About rank_table.json, you can refer to the distributed training tutorial.

Result

Training result will be stored in the example path, whose folder name begins with "train" or "train_parallel". Under this, you can find checkpoint file together with result like the followings in log.

  • training ResNet-50 with CIFAR-10 dataset
# distribute training result(8 pcs)
epoch: 1 step: 195, loss is 1.9601055
epoch: 2 step: 195, loss is 1.8555021
epoch: 3 step: 195, loss is 1.6707983
epoch: 4 step: 195, loss is 1.8162166
epoch: 5 step: 195, loss is 1.393667
...
  • training ResNet-50 with ImageNet2012 dataset
# distribute training result(8 pcs)
epoch: 1 step: 5004, loss is 4.8995576
epoch: 2 step: 5004, loss is 3.9235563
epoch: 3 step: 5004, loss is 3.833077
epoch: 4 step: 5004, loss is 3.2795618
epoch: 5 step: 5004, loss is 3.1978393
...
  • training ResNet-101 with ImageNet2012 dataset
# distribute training result(8p)
epoch: 1 step: 5004, loss is 4.805483
epoch: 2 step: 5004, loss is 3.2121816
epoch: 3 step: 5004, loss is 3.429647
epoch: 4 step: 5004, loss is 3.3667371
epoch: 5 step: 5004, loss is 3.1718972
...
epoch: 67 step: 5004, loss is 2.2768745
epoch: 68 step: 5004, loss is 1.7223864
epoch: 69 step: 5004, loss is 2.0665488
epoch: 70 step: 5004, loss is 1.8717369
...

Evaluation

Usage

# evaluation
Usage: sh run_eval.sh [resnet50|resnet101] [cifar10|imagenet2012] [DATASET_PATH] [CHECKPOINT_PATH]

Launch

# evaluation example
sh run_eval.sh resnet50 cifar10 ~/cifar10-10-verify-bin ~/resnet50_cifar10/train_parallel0/resnet-90_195.ckpt

checkpoint can be produced in training process.

Result

Evaluation result will be stored in the example path, whose folder name is "eval". Under this, you can find result like the followings in log.
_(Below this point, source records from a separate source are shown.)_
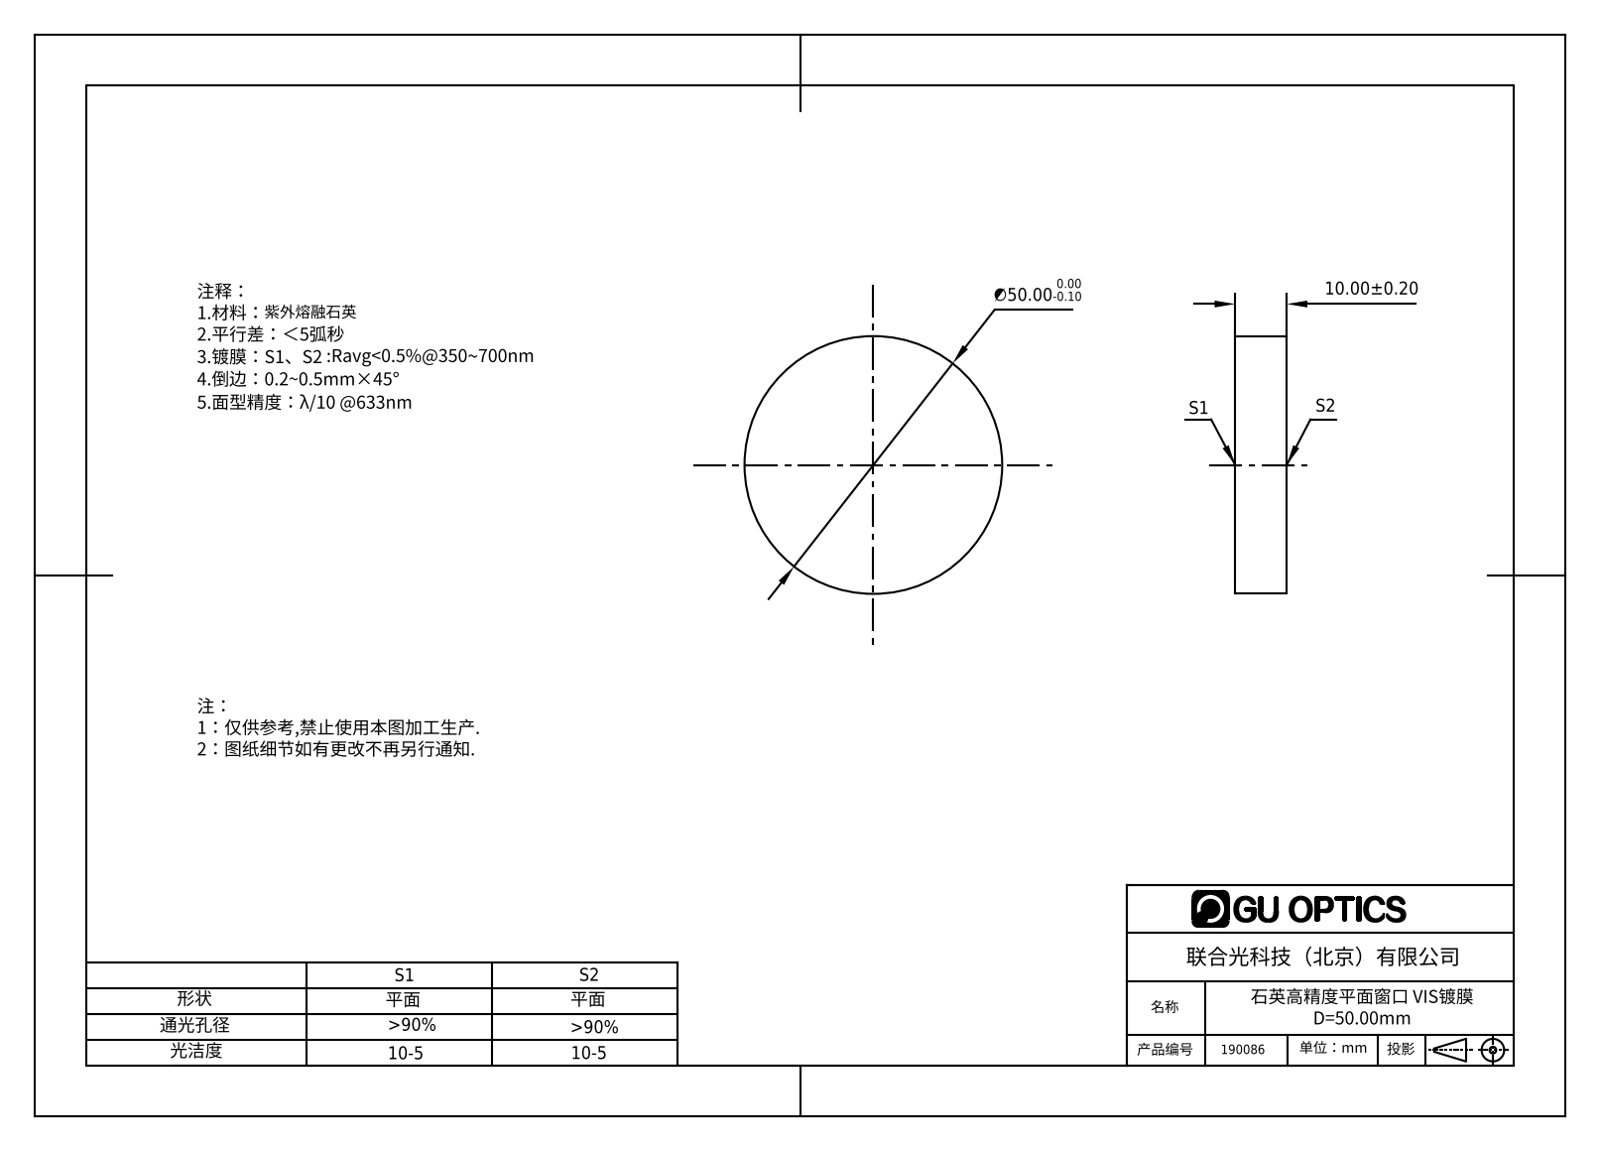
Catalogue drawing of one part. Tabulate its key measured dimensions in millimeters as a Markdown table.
| quantity | value |
| --- | --- |
| part name | 190064 |
| STEP written by | SolidWorks 2016 (AUTOMOTIVE_DESIGN) |
| units | millimeters |
| bodies | 1 solid, 4 faces (2 planar, 2 cylindrical, 0 other) |
| overall size | 50 × 50 × 10 |
| volume | 19 635 mm³ |
| surface area | 5 498 mm² |
| round bosses / shafts (diameter × count) | 50 × 1 |
| main face-to-face distances | 10 |

  • evaluating ResNet-50 with CIFAR-10 dataset
result: {'acc': 0.91446314102564111} ckpt=~/resnet50_cifar10/train_parallel0/resnet-90_195.ckpt
  • evaluating ResNet-50 with ImageNet2012 dataset
result: {'acc': 0.7671054737516005} ckpt=train_parallel0/resnet-90_5004.ckpt
  • evaluating ResNet-101 with ImageNet2012 dataset
result: {'top_5_accuracy': 0.9429417413572343, 'top_1_accuracy': 0.7853513124199744} ckpt=train_parallel0/resnet-120_5004.ckpt

Running on GPU

# distributed training example
sh run_distribute_train_gpu.sh [resnet50|resnet101] [cifar10|imagenet2012]  [DATASET_PATH] [PRETRAINED_CKPT_PATH](optional)

# standalone training example
sh run_standalone_train_gpu.sh [resnet50|resnet101] [cifar10|imagenet2012] [DATASET_PATH] [PRETRAINED_CKPT_PATH](optional)

# infer example
sh run_eval_gpu.sh [resnet50|resnet101] [cifar10|imagenet2012] [DATASET_PATH] [CHECKPOINT_PATH]
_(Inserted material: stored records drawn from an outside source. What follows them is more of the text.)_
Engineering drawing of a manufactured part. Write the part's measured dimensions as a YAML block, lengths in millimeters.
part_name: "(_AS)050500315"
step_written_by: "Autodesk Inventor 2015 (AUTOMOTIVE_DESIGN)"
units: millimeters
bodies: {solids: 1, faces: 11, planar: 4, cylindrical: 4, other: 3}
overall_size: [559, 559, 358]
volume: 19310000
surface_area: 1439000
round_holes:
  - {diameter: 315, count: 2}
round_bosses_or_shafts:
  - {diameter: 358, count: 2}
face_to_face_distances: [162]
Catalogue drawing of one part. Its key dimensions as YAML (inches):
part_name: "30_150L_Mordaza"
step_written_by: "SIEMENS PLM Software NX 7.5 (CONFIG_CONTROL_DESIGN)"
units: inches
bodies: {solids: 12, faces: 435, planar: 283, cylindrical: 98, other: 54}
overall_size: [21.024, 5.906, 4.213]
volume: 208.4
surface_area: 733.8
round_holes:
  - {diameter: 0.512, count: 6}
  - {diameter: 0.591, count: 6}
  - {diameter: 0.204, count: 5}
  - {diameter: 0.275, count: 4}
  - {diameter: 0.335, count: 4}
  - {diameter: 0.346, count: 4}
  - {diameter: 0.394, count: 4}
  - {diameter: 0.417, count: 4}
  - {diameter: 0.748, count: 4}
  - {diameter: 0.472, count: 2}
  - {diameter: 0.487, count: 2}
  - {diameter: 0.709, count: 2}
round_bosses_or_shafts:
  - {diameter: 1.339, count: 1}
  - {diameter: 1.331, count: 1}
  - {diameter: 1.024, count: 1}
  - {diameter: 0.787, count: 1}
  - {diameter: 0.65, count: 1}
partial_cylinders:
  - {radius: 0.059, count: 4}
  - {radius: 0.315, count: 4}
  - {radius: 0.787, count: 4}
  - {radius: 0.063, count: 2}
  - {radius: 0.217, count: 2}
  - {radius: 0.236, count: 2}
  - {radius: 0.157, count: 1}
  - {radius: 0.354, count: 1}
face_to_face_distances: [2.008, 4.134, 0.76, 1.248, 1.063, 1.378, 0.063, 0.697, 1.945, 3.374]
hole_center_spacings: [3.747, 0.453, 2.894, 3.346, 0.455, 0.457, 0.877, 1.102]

Running parameter server mode training

# parameter server training Ascend example
sh run_parameter_server_train.sh [resnet50|resnet101] [cifar10|imagenet2012] [RANK_TABLE_FILE] [DATASET_PATH] [PRETRAINED_CKPT_PATH](optional)

# parameter server training GPU example
sh run_parameter_server_train_gpu.sh [resnet50|resnet101] [cifar10|imagenet2012] [DATASET_PATH] [PRETRAINED_CKPT_PATH](optional)

> The way to evaluate is the same as the examples above.